My ITP has become worse because my platelet count has stayed low since that 2017 appointment. Due to my counts consistently staying low, and sometimes dropping below 15,000, I have also had to have some platelet transfusions. My oncologist had me try many different medications and treatments to try to help my disorder, including: prednisone, Promacta®, Rituxan®, Nplate®, IVIG with platelet transfusions – or just platelet transfusions, and two bone marrow biopsies. Nplate® is the only drug that has helped my platelets rise, but I dealt with painful soreness in my legs and joints each time I had the shot. The other medications did not work for me, nor were there any significant findings in my biopsies.

I then had a splenectomy in December 2018 at Roswell Park in Buffalo, NY. They gave me platelets during the procedure. We were hoping that my ITP would get under control after removing my spleen, but my platelets did not rise. This past July I tried Tavalisse®. It did not work for me. I have still been needing transfusions, with or without IVIG, to bring my platelet count up, but the number drops again and again. I have been going to my oncologist for weekly CBC blood work ever since having the splenectomy.

I also have three teeth that need to be pulled out, but in February 2020 my oncologist told me that it is too risky to have the extractions, and it is also risky for me to even have fillings with Novocain. My mouth is very sore because of the teeth I need pulled, and my gums are always swollen. I will be talking to another oncologist in Buffalo about this situation.

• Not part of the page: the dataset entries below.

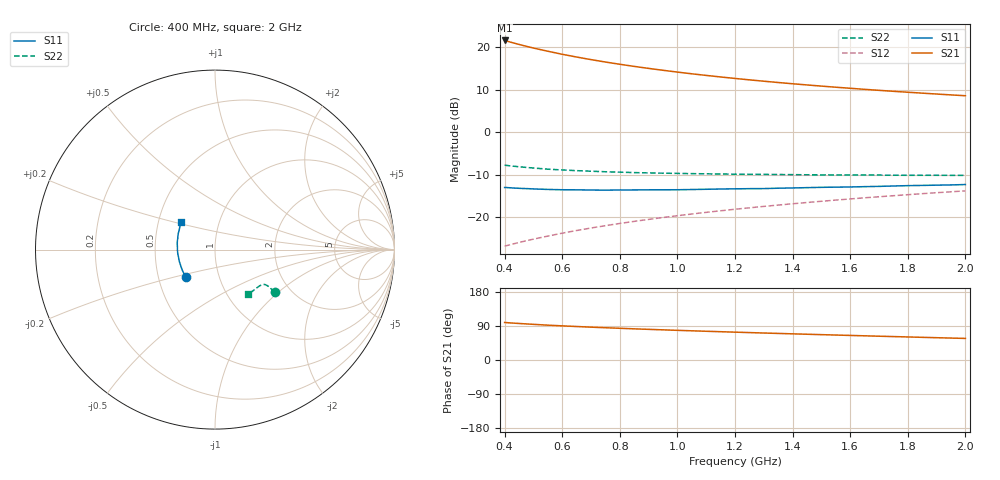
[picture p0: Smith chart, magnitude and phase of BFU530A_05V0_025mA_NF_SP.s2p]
! Filename:  P:\Prog\Test\Noise\ATS_data\Testdata_Net\06 Compressed Noise after Statistics\BFU530A_APG2013_33_A05_05p0V_025mA_NF_CM01_D.sf
! Date/Time: Tue 16/Apr/2013 15:10:57
! BFU530A_APG2013_33_A05_05p0V_1to25mA_NF_CM01_Bias8_R.sf
! Noise Parameter Data File
! BFU530A_APG2013_33_A05_05p0V_1to25mA_NF_CM01
! Date/time: Fri Apr 12 15:27:54 2013
! VAR V_out= 5.000000
! VAR I_out= 25.000000
! VAR V_in= 0.840100
! VAR I_in= 0.275150
! Device data file deembeded for feedlines and parallel
! Original file: \06 Compressed Noise after Statistics\BFU530A_APG2013_33_A05_05p0V_025mA_NF_CM01_R.sf
! Feed-files: PR017V01_150413_Feed1.s2p, PR017V01_150413_Feed2.s2p
! Parallel-file: PR017V01_150413_Par.s2p
# MHz S MA R 50
!  Freq-MHz  S11-mag  S11-arg  S21-mag  S21-arg  S12-mag  S12-arg  S22-mag  S22-arg
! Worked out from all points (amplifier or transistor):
!   37 points, 400 MHz to 2 GHz, reference 50 ohm
!   highest |S21| = 21.6 dB at 400 MHz (marker M1)
!   |S21| within 3 dB of that: start of sweep to 582.5 MHz
!   unconditionally stable (mu >= 1): 848.6 MHz to 1.797 GHz
!   at 500 MHz: K = 0.95, MSG = 22.5 dB, |S12| = -25.2 dB
!   at 1.1 GHz: K = 1.01, MAG = 15.6 dB, |S12| = -18.9 dB
!   at 2 GHz: K = 0.99, MSG = 11.2 dB, |S12| = -13.8 dB
!   lowest NFmin = 1.12 dB at 420 MHz
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400  0.2232 -137.3  11.98 99.0  0.04546 73.1  0.4079 -35.4
420  0.221 -139.9  11.45 97.9  0.04739 73.2  0.4003 -35.3
440  0.219 -142.5  10.98 96.9  0.04928 73.4  0.394 -35.1
480  0.216 -146.8  10.13 95.0  0.0531 73.7  0.3826 -35.0
500  0.2144 -149.1  9.755 94.1  0.05501 73.8  0.3779 -34.9
550  0.2115 -154.2  8.942 91.9  0.05973 74.1  0.3661 -34.6
600  0.2097 -158.3  8.238 90.1  0.06464 74.3  0.3585 -34.5
650  0.2092 -162.4  7.643 88.3  0.06948 74.4  0.3519 -34.6
700  0.2081 -166.0  7.127 86.7  0.07435 74.5  0.3464 -34.7
750  0.2074 -169.5  6.675 85.1  0.07922 74.5  0.3415 -34.9
800  0.2084 -172.5  6.282 83.7  0.08412 74.5  0.3378 -35.2
850  0.2086 -175.7  5.931 82.2  0.08899 74.4  0.3338 -35.6
900  0.2093 -178.5  5.617 80.9  0.0939 74.3  0.3308 -36.0
950  0.2095 178.9  5.336 79.6  0.09881 74.1  0.3286 -36.5
1050  0.211 174.0  4.852 77.0  0.1087 73.8  0.3245 -37.5
1150  0.214 169.4  4.454 74.7  0.1186 73.4  0.3209 -38.7
1200  0.2149 167.4  4.28 73.5  0.1236 73.1  0.3198 -39.4
1350  0.2186 161.4  3.832 70.1  0.1384 72.3  0.3169 -41.7
1500  0.2238 155.9  3.476 66.9  0.1534 71.3  0.3136 -44.1
1650  0.228 151.0  3.186 63.8  0.1685 70.3  0.3124 -46.8
1750  0.2321 147.8  3.019 61.8  0.1784 69.6  0.311 -48.6
2000  0.2414 140.8  2.679 56.9  0.2034 67.6  0.3098 -53.6
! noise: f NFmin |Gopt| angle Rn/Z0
400  1.19  0.3044  -167.2  0.081
460  1.149  0.3049  -165.9  0.0835
600  1.273  0.3012  -161.7  0.0899
800  1.216  0.3372  -156.8  0.0816
1000  1.243  0.3533  -150.6  0.084
1200  1.276  0.3589  -144.9  0.0941
1400  1.295  0.3839  -140.3  0.1011
1600  1.323  0.3951  -133.4  0.1119
1800  1.34  0.3981  -130.2  0.1219
2000  1.369  0.4101  -124.8  0.1385
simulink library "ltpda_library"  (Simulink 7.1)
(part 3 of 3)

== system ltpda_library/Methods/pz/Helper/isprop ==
  In1 : Inport  OutDataType=sfix(16)  OutScaling=2^0
  isprop : M-S-Function  Tag=isprop  FunctionName=ltpdasim
  Out1 : Outport  OutDataType=sfix(16)  OutScaling=2^0
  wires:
  In1/1 -> isprop/1
  isprop/1 -> Out1/1

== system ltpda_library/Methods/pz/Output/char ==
  In1 : Inport  OutDataType=sfix(16)  OutScaling=2^0
  Terminator : Terminator
  char : M-S-Function  Tag=char  FunctionName=ltpdasim
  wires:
  char/1 -> Terminator/1
  In1/1 -> char/1

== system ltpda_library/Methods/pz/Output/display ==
  In1 : Inport  OutDataType=sfix(16)  OutScaling=2^0
  Terminator : Terminator
  display : M-S-Function  Tag=display  FunctionName=ltpdasim
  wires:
  display/1 -> Terminator/1
  In1/1 -> display/1

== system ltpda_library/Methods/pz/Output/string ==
  In1 : Inport  OutDataType=sfix(16)  OutScaling=2^0
  Terminator : Terminator
  string : M-S-Function  Tag=string  FunctionName=ltpdasim
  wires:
  string/1 -> Terminator/1
  In1/1 -> string/1

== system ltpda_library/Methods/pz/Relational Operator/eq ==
  In1 : Inport  OutDataType=sfix(16)  OutScaling=2^0
  eq : M-S-Function  Tag=eq  FunctionName=ltpdasim
  Out1 : Outport  OutDataType=sfix(16)  OutScaling=2^0
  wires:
  In1/1 -> eq/1
  eq/1 -> Out1/1

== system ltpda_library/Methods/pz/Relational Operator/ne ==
  In1 : Inport  OutDataType=sfix(16)  OutScaling=2^0
  ne : M-S-Function  Tag=ne  FunctionName=ltpdasim
  Out1 : Outport  OutDataType=sfix(16)  OutScaling=2^0
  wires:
  In1/1 -> ne/1
  ne/1 -> Out1/1

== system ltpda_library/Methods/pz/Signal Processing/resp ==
  In1 : Inport  OutDataType=sfix(16)  OutScaling=2^0
  resp : M-S-Function  Tag=resp  FunctionName=ltpdasim
  Out1 : Outport  OutDataType=sfix(16)  OutScaling=2^0
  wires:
  In1/1 -> resp/1
  resp/1 -> Out1/1

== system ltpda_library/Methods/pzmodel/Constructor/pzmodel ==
  Ground : Ground
  pzmodel : M-S-Function  Tag=pzmodel  FunctionName=ltpdasim
  Out1 : Outport  OutDataType=sfix(16)  OutScaling=2^0
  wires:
  Ground/1 -> pzmodel/1
  pzmodel/1 -> Out1/1

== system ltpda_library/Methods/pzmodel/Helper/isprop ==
  In1 : Inport  OutDataType=sfix(16)  OutScaling=2^0
  isprop : M-S-Function  Tag=isprop  FunctionName=ltpdasim
  Out1 : Outport  OutDataType=sfix(16)  OutScaling=2^0
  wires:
  In1/1 -> isprop/1
  isprop/1 -> Out1/1

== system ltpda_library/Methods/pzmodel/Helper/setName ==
  In1 : Inport  OutDataType=sfix(16)  OutScaling=2^0
  setName : M-S-Function  Tag=setName  FunctionName=ltpdasim
  Out1 : Outport  OutDataType=sfix(16)  OutScaling=2^0
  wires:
  In1/1 -> setName/1
  setName/1 -> Out1/1

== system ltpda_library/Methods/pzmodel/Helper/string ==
  In1 : Inport  OutDataType=sfix(16)  OutScaling=2^0
  string : M-S-Function  Tag=string  FunctionName=ltpdasim
  Out1 : Outport  OutDataType=sfix(16)  OutScaling=2^0
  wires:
  In1/1 -> string/1
  string/1 -> Out1/1

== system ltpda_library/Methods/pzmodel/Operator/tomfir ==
  In1 : Inport  OutDataType=sfix(16)  OutScaling=2^0
  tomfir : M-S-Function  Tag=tomfir  FunctionName=ltpdasim
  Out1 : Outport  OutDataType=sfix(16)  OutScaling=2^0
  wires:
  In1/1 -> tomfir/1
  tomfir/1 -> Out1/1

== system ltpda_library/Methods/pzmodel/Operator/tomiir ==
  In1 : Inport  OutDataType=sfix(16)  OutScaling=2^0
  tomiir : M-S-Function  Tag=tomiir  FunctionName=ltpdasim
  Out1 : Outport  OutDataType=sfix(16)  OutScaling=2^0
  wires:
  In1/1 -> tomiir/1
  tomiir/1 -> Out1/1

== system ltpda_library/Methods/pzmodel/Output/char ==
  In1 : Inport  OutDataType=sfix(16)  OutScaling=2^0
  Terminator : Terminator
  char : M-S-Function  Tag=char  FunctionName=ltpdasim
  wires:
  char/1 -> Terminator/1
  In1/1 -> char/1

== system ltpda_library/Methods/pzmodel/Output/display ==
  In1 : Inport  OutDataType=sfix(16)  OutScaling=2^0
  Terminator : Terminator
  display : M-S-Function  Tag=display  FunctionName=ltpdasim
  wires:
  display/1 -> Terminator/1
  In1/1 -> display/1

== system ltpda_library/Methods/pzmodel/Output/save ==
  In1 : Inport  OutDataType=sfix(16)  OutScaling=2^0
  Terminator : Terminator
  save : M-S-Function  Tag=save  FunctionName=ltpdasim
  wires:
  save/1 -> Terminator/1
  In1/1 -> save/1

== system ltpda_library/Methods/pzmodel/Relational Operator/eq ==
  In1 : Inport  OutDataType=sfix(16)  OutScaling=2^0
  eq : M-S-Function  Tag=eq  FunctionName=ltpdasim
  Out1 : Outport  OutDataType=sfix(16)  OutScaling=2^0
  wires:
  In1/1 -> eq/1
  eq/1 -> Out1/1

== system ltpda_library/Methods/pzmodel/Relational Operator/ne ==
  In1 : Inport  OutDataType=sfix(16)  OutScaling=2^0
  ne : M-S-Function  Tag=ne  FunctionName=ltpdasim
  Out1 : Outport  OutDataType=sfix(16)  OutScaling=2^0
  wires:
  In1/1 -> ne/1
  ne/1 -> Out1/1

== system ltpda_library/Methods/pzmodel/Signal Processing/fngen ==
  In1 : Inport  OutDataType=sfix(16)  OutScaling=2^0
  fngen : M-S-Function  Tag=fngen  FunctionName=ltpdasim
  Out1 : Outport  OutDataType=sfix(16)  OutScaling=2^0
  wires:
  In1/1 -> fngen/1
  fngen/1 -> Out1/1

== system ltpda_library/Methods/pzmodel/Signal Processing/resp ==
  In1 : Inport  OutDataType=sfix(16)  OutScaling=2^0
  resp : M-S-Function  Tag=resp  FunctionName=ltpdasim
  Out1 : Outport  OutDataType=sfix(16)  OutScaling=2^0
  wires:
  In1/1 -> resp/1
  resp/1 -> Out1/1

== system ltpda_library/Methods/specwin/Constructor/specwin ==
  Ground : Ground
  specwin : M-S-Function  Tag=specwin  FunctionName=ltpdasim
  Out1 : Outport  OutDataType=sfix(16)  OutScaling=2^0
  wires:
  Ground/1 -> specwin/1
  specwin/1 -> Out1/1

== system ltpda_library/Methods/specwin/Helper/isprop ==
  In1 : Inport  OutDataType=sfix(16)  OutScaling=2^0
  isprop : M-S-Function  Tag=isprop  FunctionName=ltpdasim
  Out1 : Outport  OutDataType=sfix(16)  OutScaling=2^0
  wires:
  In1/1 -> isprop/1
  isprop/1 -> Out1/1

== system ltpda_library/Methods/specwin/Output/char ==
  In1 : Inport  OutDataType=sfix(16)  OutScaling=2^0
  Terminator : Terminator
  char : M-S-Function  Tag=char  FunctionName=ltpdasim
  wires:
  char/1 -> Terminator/1
  In1/1 -> char/1

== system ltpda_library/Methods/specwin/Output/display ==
  In1 : Inport  OutDataType=sfix(16)  OutScaling=2^0
  Terminator : Terminator
  display : M-S-Function  Tag=display  FunctionName=ltpdasim
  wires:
  display/1 -> Terminator/1
  In1/1 -> display/1

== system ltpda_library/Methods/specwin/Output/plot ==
  In1 : Inport  OutDataType=sfix(16)  OutScaling=2^0
  Terminator : Terminator
  plot : M-S-Function  Tag=plot  FunctionName=ltpdasim
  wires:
  plot/1 -> Terminator/1
  In1/1 -> plot/1

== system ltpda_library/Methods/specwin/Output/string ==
  In1 : Inport  OutDataType=sfix(16)  OutScaling=2^0
  Terminator : Terminator
  string : M-S-Function  Tag=string  FunctionName=ltpdasim
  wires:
  string/1 -> Terminator/1
  In1/1 -> string/1

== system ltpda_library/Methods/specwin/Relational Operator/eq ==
  In1 : Inport  OutDataType=sfix(16)  OutScaling=2^0
  eq : M-S-Function  Tag=eq  FunctionName=ltpdasim
  Out1 : Outport  OutDataType=sfix(16)  OutScaling=2^0
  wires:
  In1/1 -> eq/1
  eq/1 -> Out1/1

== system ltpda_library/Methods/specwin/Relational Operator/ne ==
  In1 : Inport  OutDataType=sfix(16)  OutScaling=2^0
  ne : M-S-Function  Tag=ne  FunctionName=ltpdasim
  Out1 : Outport  OutDataType=sfix(16)  OutScaling=2^0
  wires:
  In1/1 -> ne/1
  ne/1 -> Out1/1

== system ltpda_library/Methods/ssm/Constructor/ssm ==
  Ground : Ground
  ssm : M-S-Function  Tag=ssm  FunctionName=ltpdasim
  Out1 : Outport  OutDataType=sfix(16)  OutScaling=2^0
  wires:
  Ground/1 -> ssm/1
  ssm/1 -> Out1/1

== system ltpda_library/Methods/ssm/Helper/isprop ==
  In1 : Inport  OutDataType=sfix(16)  OutScaling=2^0
  isprop : M-S-Function  Tag=isprop  FunctionName=ltpdasim
  Out1 : Outport  OutDataType=sfix(16)  OutScaling=2^0
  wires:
  In1/1 -> isprop/1
  isprop/1 -> Out1/1

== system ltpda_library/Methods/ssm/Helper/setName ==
  In1 : Inport  OutDataType=sfix(16)  OutScaling=2^0
  setName : M-S-Function  Tag=setName  FunctionName=ltpdasim
  Out1 : Outport  OutDataType=sfix(16)  OutScaling=2^0
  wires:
  In1/1 -> setName/1
  setName/1 -> Out1/1

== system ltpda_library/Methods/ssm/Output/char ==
  In1 : Inport  OutDataType=sfix(16)  OutScaling=2^0
  Terminator : Terminator
  char : M-S-Function  Tag=char  FunctionName=ltpdasim
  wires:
  char/1 -> Terminator/1
  In1/1 -> char/1

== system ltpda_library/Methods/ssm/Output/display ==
  In1 : Inport  OutDataType=sfix(16)  OutScaling=2^0
  Terminator : Terminator
  display : M-S-Function  Tag=display  FunctionName=ltpdasim
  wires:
  display/1 -> Terminator/1
  In1/1 -> display/1

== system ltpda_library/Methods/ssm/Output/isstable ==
  In1 : Inport  OutDataType=sfix(16)  OutScaling=2^0
  Terminator : Terminator
  isstable : M-S-Function  Tag=isstable  FunctionName=ltpdasim
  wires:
  isstable/1 -> Terminator/1
  In1/1 -> isstable/1

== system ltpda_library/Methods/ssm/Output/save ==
  In1 : Inport  OutDataType=sfix(16)  OutScaling=2^0
  Terminator : Terminator
  save : M-S-Function  Tag=save  FunctionName=ltpdasim
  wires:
  save/1 -> Terminator/1
  In1/1 -> save/1

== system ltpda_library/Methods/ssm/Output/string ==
  In1 : Inport  OutDataType=sfix(16)  OutScaling=2^0
  Terminator : Terminator
  string : M-S-Function  Tag=string  FunctionName=ltpdasim
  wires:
  string/1 -> Terminator/1
  In1/1 -> string/1

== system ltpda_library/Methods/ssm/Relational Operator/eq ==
  In1 : Inport  OutDataType=sfix(16)  OutScaling=2^0
  eq : M-S-Function  Tag=eq  FunctionName=ltpdasim
  Out1 : Outport  OutDataType=sfix(16)  OutScaling=2^0
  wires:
  In1/1 -> eq/1
  eq/1 -> Out1/1

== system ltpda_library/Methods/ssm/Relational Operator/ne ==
  In1 : Inport  OutDataType=sfix(16)  OutScaling=2^0
  ne : M-S-Function  Tag=ne  FunctionName=ltpdasim
  Out1 : Outport  OutDataType=sfix(16)  OutScaling=2^0
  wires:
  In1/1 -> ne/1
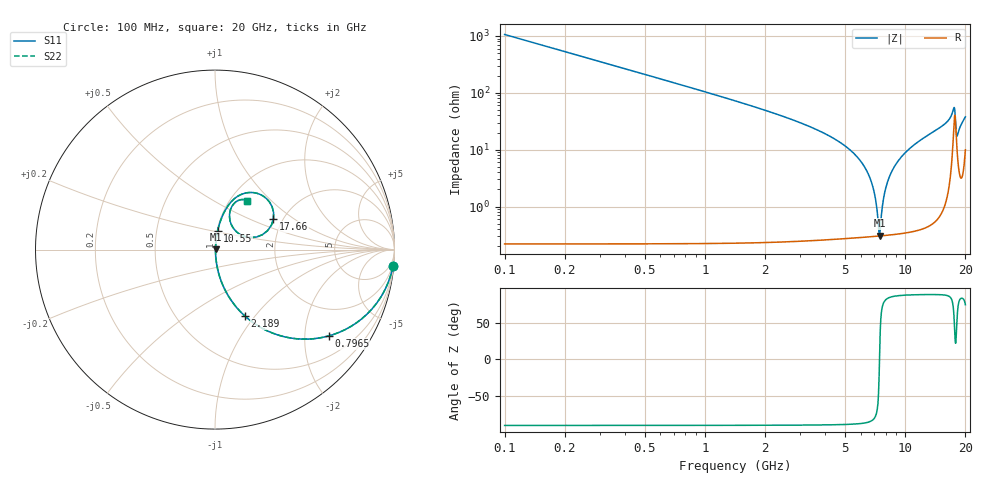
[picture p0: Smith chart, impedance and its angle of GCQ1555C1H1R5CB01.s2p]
!Murata Part Number: GCQ1555C1H1R5CB01
!These Parameters are Measured in Series Mode Connection
!Data Generated on Jan 08, 2026
!  o--ll--o
!Port1  Port2
!  o------o
!Operation Temp=25[degC], DC Bias Voltage=0[V]
!Freq. Start=100[MHz] Stop=20[GHz] 401[Steps]
# Hz S RI R 50
!Freq.(Hz) S11(Real) S11(Imag) S21(Real) S21(Imag) S12(Real) S12(Imag) S22(Real) S22(Imag)
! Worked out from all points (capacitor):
!   401 points, 100 MHz to 20 GHz, reference 50 ohm
!   read as one part in series: C = 1.5 pF near 199.5 MHz
!   lowest |Z| = 309 mohm at 7.463 GHz (marker M1)
!   series resonance near 7.448 GHz, so ESL is about 300 pH
!   S11 on the Smith chart (normalised r, x): 100 MHz: 1, -21; 796.5 MHz: 1.00, -2.63; 2.189 GHz: 1.00, -0.89; 10.55 GHz: 1.01, +0.21; 17.66 GHz: 1.79, +0.71; 20 GHz: 1.20, +0.73
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1e8  0.9912 -0.0934  0.00883 0.0934  0.00883 0.0934  0.9912 -0.0934
3.985e8  0.8756 -0.3297  0.1244 0.3297  0.1244 0.3297  0.8756 -0.3297
7.965e8  0.6341 -0.4808  0.3659 0.4808  0.3659 0.4808  0.6341 -0.4808
1.44325e9  0.3343 -0.4701  0.6657 0.4701  0.6657 0.4701  0.3343 -0.4701
2.1895e9  0.1654 -0.3689  0.8346 0.3689  0.8346 0.3689  0.1654 -0.3689
3.43325e9  0.0583 -0.2291  0.9417 0.2291  0.9417 0.2291  0.0583 -0.2291
5.62225e9  0.00938 -0.0808  0.9906 0.0808  0.9906 0.0808  0.00938 -0.0808
6.7665e9  0.0037 -0.0275  0.9963 0.0275  0.9963 0.0275  0.0037 -0.0275
7.065e9  0.00321 -0.0152  0.9968 0.0152  0.9968 0.0152  0.00321 -0.0152
7.3635e9  0.00302 -0.00328  0.997 0.00328  0.997 0.00328  0.00302 -0.00328
7.463e9  0.00303 0.00057  0.997 -0.00057  0.997 -0.00057  0.00303 0.00057
7.81125e9  0.00326 0.0137  0.9967 -0.0137  0.9967 -0.0137  0.00326 0.0137
8.259e9  0.00402 0.0298  0.996 -0.0298  0.996 -0.0298  0.00402 0.0298
9.00525e9  0.0063 0.0552  0.9937 -0.0552  0.9937 -0.0552  0.0063 0.0552
1.005e10  0.0113 0.0881  0.9887 -0.0881  0.9887 -0.0881  0.0113 0.0881
1.05475e10  0.0143 0.103  0.9857 -0.103  0.9857 -0.103  0.0143 0.103
1.338325e10  0.0396 0.1831  0.9604 -0.1831  0.9604 -0.1831  0.0396 0.1831
1.67165e10  0.1299 0.2991  0.8701 -0.2991  0.8701 -0.2991  0.1299 0.2991
1.73135e10  0.235 0.3134  0.765 -0.3134  0.765 -0.3134  0.235 0.3134
1.766175e10  0.3259 0.172  0.6741 -0.172  0.6741 -0.172  0.3259 0.172
1.815925e10  0.1068 0.1133  0.8932 -0.1133  0.8932 -0.1133  0.1068 0.1133
2e10  0.1806 0.2717  0.8194 -0.2717  0.8194 -0.2717  0.1806 0.2717

I am still continuing to have platelet transfusions when my count goes below 13,000, as well as transfusions to boost my hemoglobin when that drops to 7. My oncologist seems to believe that he has tried me on most medications to treat ITP, and none of them have worked for me. I am mentally and physically exhausted from having to go to the doctor weekly for blood work, and on top of that having to have these transfusions so often. I just want to get to the bottom of all of this and hopefully figure out what we have to do to help my condition.”